Tras una buena discusión sobre el precio final del peinado más el pelo postizo a añadir, Sacai se quedó sentada en el sillón de la peluquería mientras Silvia, Mari Luz y un servidor se iban con Ibrahim y Mohammed al mercado, a buscar máscaras y demás elementos artesanales decorativos que, cuando llegas a casa, te cuestan un disgusto a la hora de elegir dónde ponerlos.
Pero ésa es otra historia. El caso es que dejamos a Sacai, cerca de las cuatro, en la pelu. Y quedamos en recogerla a eso de las ocho, que trenzar toda una cabeza no es moco de pavo.
Regresamos al local ya entrada la noche, pero nos habíamos adelantado un poco a la hora convenida. Mi Sacai tenía buena parte de la cabeza bien anudada. Tres mujeres se afanaban sobre su pelo, cogiendo pequeños mechones, añadiendo el postizo y retorciendo el resultado en larguísimos tirabuzones que terminaban descansando, elegantemente, sobre los hombros.
Y nos quedamos. La peluquería, que mediría diez o quince metros cuadrados, albergaba a cuatro chicas y un bebé. En cuanto Ibrahim se hizo cargo del infante y empezó a hacerle monerías, la cuarta chica se abalanzó sobre Sacai y se unió a la fiesta de la trenza. El caso era que las chicas, cuando veían a alguna amiga o conocida por la calle, le gritaban. Entraba y anudaba dos, tres o las trencitas que pudiera, antes de de seguir con sus quehaceres.
Sacai nos dijo cómo se habían pasado la tarde cascando, bailando, riendo, viendo telenovelas y escuchando música. Pero trabajando. Sin parar. Entonces apareció una voluminosa señora. Una señora que, ella sola, abarcaba un cuarto de la peluquería con su gran humanidad. Arrebató al mocoso de los brazos de Ibrahim y se puso a mecerlo con convencimiento. Era (debía ser) la abuela de la criatura.

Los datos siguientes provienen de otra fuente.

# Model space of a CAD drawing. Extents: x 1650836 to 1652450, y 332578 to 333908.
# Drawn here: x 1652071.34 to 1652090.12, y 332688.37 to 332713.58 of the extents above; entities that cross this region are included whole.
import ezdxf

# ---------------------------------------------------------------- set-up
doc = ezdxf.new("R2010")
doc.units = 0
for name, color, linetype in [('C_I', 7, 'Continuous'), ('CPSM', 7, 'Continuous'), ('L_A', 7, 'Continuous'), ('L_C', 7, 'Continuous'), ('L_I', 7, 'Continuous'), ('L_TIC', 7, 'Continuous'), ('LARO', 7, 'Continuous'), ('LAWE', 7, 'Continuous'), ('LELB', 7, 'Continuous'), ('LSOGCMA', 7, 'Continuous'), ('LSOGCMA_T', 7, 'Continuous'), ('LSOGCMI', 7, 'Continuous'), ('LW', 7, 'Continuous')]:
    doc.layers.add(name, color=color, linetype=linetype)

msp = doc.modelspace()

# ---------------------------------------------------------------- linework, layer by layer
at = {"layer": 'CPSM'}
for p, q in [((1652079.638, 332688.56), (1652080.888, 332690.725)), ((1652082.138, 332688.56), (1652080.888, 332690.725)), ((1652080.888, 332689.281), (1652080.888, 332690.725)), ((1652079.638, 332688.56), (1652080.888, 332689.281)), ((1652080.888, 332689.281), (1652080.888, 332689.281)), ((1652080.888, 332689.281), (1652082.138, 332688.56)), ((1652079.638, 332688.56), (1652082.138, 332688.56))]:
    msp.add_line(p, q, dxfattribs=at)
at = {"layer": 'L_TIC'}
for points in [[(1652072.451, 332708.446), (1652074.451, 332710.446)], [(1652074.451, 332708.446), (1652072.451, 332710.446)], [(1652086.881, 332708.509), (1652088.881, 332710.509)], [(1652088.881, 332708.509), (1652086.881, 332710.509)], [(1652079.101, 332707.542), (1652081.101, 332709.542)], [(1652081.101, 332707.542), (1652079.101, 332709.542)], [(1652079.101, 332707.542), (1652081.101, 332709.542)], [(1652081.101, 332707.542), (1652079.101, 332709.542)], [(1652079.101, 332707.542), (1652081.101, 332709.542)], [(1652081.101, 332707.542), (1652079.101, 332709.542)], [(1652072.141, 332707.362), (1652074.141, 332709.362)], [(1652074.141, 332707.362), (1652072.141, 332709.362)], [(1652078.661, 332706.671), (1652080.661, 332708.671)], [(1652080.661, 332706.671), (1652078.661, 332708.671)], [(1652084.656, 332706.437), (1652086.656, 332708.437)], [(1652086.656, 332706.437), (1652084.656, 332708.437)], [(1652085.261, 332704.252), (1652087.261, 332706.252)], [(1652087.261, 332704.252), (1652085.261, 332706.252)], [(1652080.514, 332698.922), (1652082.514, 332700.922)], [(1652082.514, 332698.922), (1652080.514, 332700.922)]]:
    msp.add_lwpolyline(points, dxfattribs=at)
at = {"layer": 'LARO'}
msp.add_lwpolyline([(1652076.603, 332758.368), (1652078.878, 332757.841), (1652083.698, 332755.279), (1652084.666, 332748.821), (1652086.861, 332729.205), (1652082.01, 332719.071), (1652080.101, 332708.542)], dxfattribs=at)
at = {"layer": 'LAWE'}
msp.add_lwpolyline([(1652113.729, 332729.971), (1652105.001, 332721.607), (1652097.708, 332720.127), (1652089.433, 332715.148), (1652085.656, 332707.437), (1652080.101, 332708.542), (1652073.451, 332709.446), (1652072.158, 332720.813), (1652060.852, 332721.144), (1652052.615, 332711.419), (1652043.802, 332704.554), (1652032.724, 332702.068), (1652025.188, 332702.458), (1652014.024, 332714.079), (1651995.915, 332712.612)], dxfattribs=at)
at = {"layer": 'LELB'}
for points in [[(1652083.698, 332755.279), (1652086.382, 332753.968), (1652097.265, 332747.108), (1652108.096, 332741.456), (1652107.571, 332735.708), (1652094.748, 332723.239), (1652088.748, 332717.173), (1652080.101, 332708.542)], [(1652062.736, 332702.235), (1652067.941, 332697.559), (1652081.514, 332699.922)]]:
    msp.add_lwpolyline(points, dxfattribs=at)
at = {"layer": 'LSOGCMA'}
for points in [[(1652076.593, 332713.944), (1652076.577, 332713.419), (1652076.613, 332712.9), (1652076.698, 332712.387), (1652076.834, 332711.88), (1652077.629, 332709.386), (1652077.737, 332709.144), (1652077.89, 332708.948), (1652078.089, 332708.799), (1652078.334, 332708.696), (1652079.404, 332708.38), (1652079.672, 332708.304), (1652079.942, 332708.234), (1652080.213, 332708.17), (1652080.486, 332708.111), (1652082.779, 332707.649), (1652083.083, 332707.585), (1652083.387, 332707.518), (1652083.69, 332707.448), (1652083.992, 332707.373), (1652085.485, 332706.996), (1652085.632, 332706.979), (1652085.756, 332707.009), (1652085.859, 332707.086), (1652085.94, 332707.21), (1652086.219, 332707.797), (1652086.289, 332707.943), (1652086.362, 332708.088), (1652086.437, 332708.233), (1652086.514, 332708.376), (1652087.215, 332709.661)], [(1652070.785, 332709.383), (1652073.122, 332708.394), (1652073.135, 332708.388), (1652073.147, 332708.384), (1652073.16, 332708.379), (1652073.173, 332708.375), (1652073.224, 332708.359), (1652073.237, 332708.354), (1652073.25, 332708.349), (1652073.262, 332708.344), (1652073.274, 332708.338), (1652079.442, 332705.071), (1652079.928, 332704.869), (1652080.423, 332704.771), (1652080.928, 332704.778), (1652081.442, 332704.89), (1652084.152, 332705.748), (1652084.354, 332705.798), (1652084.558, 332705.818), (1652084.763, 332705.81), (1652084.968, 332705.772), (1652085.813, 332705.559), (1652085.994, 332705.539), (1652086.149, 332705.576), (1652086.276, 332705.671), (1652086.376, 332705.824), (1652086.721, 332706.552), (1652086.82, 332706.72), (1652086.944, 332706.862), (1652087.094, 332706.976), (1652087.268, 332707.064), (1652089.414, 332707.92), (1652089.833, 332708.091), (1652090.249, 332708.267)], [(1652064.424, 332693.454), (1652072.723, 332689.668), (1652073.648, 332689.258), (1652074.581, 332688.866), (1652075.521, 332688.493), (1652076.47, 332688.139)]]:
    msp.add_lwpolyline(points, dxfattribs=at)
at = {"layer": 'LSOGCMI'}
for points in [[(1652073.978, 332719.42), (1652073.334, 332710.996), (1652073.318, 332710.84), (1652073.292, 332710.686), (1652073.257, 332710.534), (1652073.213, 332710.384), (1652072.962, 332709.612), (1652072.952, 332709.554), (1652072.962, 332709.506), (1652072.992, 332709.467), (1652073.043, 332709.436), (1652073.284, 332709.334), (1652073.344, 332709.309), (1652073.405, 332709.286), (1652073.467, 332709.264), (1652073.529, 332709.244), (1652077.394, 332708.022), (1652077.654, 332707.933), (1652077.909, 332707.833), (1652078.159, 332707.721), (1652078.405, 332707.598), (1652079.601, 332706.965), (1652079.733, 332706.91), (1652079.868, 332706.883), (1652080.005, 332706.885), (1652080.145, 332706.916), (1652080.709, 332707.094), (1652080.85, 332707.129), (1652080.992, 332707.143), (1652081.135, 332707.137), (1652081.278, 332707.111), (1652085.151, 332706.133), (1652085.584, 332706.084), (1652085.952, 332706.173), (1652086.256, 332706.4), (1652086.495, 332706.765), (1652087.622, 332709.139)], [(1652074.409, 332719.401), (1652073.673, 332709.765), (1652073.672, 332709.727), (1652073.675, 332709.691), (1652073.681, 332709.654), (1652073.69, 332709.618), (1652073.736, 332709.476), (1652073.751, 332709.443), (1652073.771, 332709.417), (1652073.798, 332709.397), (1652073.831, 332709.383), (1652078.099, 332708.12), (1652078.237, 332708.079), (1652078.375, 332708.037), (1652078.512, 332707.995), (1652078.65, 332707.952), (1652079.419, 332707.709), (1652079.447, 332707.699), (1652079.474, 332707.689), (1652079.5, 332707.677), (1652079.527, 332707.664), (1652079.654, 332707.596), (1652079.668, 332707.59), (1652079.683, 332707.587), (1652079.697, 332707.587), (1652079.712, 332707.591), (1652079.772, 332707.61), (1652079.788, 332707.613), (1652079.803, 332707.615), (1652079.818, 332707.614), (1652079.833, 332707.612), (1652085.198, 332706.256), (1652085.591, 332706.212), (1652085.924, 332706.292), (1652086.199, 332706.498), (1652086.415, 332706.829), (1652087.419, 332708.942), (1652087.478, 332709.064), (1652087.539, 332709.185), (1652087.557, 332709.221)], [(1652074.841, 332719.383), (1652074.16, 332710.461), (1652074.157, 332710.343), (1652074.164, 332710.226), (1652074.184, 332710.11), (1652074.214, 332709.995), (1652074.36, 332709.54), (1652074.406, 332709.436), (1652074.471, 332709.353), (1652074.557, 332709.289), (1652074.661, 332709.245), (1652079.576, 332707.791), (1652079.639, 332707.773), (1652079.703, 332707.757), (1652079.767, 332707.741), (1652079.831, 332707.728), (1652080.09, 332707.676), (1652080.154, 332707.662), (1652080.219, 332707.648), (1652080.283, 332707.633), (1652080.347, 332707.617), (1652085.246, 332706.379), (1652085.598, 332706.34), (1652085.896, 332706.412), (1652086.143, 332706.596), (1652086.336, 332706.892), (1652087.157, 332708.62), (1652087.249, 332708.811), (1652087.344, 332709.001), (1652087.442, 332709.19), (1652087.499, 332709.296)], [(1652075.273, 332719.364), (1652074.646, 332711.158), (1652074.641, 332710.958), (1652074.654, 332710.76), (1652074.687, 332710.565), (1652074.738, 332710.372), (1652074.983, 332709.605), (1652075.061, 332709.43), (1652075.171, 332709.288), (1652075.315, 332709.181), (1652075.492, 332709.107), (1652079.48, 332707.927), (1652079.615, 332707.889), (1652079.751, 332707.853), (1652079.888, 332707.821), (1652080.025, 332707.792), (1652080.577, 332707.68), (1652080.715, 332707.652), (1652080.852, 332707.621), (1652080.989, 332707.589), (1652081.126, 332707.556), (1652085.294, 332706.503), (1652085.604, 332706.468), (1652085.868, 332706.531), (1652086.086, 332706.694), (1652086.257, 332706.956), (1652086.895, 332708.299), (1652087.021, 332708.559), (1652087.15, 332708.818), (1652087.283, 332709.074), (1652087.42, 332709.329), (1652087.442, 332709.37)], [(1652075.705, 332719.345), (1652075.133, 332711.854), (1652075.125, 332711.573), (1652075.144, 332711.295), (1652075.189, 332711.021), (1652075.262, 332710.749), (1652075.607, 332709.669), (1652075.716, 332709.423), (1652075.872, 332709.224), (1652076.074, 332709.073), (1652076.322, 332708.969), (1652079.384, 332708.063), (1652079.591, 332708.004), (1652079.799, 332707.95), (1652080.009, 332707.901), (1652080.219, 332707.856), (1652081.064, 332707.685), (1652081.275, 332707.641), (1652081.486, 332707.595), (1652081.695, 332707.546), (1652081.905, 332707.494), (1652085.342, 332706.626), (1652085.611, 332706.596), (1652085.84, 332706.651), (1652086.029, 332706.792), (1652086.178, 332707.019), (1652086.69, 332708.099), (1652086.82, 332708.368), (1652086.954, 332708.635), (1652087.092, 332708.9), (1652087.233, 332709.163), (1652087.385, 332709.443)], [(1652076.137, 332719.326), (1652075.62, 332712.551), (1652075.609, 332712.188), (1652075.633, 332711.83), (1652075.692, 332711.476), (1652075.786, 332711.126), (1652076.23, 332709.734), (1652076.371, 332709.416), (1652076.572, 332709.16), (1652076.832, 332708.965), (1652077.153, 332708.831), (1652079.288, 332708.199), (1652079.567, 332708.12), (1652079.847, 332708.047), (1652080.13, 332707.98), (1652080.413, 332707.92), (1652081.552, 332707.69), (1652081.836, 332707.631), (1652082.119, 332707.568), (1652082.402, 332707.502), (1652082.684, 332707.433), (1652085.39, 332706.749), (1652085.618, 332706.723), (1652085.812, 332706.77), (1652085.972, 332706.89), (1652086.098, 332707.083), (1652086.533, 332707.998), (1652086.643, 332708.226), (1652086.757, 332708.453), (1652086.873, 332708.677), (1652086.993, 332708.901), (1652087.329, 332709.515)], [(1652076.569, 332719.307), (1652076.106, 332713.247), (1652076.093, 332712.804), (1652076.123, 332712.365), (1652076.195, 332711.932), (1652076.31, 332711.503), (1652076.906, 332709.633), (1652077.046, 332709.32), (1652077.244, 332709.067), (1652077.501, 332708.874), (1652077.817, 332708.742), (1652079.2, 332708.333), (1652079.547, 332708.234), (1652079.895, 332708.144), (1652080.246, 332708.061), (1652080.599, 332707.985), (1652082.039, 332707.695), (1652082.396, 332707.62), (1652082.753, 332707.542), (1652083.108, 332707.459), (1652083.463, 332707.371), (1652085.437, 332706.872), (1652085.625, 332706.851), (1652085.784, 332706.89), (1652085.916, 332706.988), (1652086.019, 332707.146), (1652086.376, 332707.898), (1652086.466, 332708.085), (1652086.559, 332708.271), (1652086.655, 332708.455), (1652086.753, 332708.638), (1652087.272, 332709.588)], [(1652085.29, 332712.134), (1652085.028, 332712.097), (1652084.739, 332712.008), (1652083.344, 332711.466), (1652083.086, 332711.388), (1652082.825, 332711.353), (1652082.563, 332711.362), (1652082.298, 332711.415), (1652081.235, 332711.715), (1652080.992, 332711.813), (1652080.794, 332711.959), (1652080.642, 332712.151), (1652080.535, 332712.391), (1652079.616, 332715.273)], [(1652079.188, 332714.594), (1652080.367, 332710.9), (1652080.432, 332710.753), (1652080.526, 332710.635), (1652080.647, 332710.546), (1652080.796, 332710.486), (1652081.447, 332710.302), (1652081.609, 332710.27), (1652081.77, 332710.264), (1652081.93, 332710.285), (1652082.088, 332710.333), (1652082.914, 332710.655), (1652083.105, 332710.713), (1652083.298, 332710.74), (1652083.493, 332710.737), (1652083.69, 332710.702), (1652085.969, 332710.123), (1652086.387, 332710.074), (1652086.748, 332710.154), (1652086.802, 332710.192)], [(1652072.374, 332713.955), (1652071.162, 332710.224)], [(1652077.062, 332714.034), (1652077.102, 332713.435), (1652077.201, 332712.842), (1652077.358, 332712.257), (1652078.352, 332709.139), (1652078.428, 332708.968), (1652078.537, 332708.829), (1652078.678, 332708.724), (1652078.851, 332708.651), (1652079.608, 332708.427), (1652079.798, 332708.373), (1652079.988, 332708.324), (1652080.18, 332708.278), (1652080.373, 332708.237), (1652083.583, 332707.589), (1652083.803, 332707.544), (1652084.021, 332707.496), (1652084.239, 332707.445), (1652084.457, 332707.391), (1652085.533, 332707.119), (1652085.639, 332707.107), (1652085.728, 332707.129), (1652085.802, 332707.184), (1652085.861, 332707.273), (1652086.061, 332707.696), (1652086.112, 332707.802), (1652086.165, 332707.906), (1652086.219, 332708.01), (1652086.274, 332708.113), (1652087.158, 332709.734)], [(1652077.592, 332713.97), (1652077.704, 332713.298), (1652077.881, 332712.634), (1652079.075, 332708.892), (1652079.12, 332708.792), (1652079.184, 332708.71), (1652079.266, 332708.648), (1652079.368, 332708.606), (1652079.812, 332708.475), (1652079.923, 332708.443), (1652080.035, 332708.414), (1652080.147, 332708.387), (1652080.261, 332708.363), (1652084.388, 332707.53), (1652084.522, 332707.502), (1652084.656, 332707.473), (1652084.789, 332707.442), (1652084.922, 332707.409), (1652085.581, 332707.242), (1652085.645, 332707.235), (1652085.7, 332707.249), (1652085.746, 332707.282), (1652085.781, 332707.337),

Entonces, la chica más alta dejó el trabajo y se fue al fondo de la sala. Se puso un manto negro sobre su traje marrón y un pañuelo en la cabeza, estiró una manta y se puso a rezar, levantándose y tendiéndose discretamente, pero a la vista de todos y mientras la tele atronaba con los videoclips.
Llegó la hora de la merienda del churumbel, que todavía tomaba el pecho. Sin problema. Un rincón del sofá de eskai era suficiente. Entraron dos mujeres, saludaron, se rieron y se fueron. Seguían las voces y el cachondeo. Y el trabajo. Y volvió a ser hora de rezar para la chica alta. Y, para calentar agua, una de las peluqueras se salió a la calle y encendió un hornillo.
Al haber entrado hombres en la pelu, las mujeres ya se habían quedado más serias, más compuestas, más en su papel. Como dice mi amigo peluquero del Zaidín, es difícil que triunfen las peluquerías unisex. A ellas les gusta la intimidad de la compañía femenina, pudiendo hablar de sus cosas, libremente, sin que la presencia de clientes hombres haga que se corten, sin tener necesidad de mantener una compostura formal y gestual que el ejercicio de la peluquería no contribuye a fomentar, precisamente.
Así, no es de extrañar que el Bagdad de los peores momentos de la Guerra de Irak, las peluquerías fueran objetivo primordial de los integristas. Las peluquerías son reductos de libertad para unas personas que gustan de hablar, reír, comentar y discutir en unos locales que fomentan la relación social y comunitaria de las personas.
Para Sacai, trenzas aparte, la velada en la peluquería de Bamako fue una muestra del natural amable, cariñoso y gentil de unos malienses que son, sin duda, los mejores embajadores y relaciones públicas de un país que, como tantas veces hemos dicho, tiene una magia especial.
Jesús Lens Espinosa de los Monteros.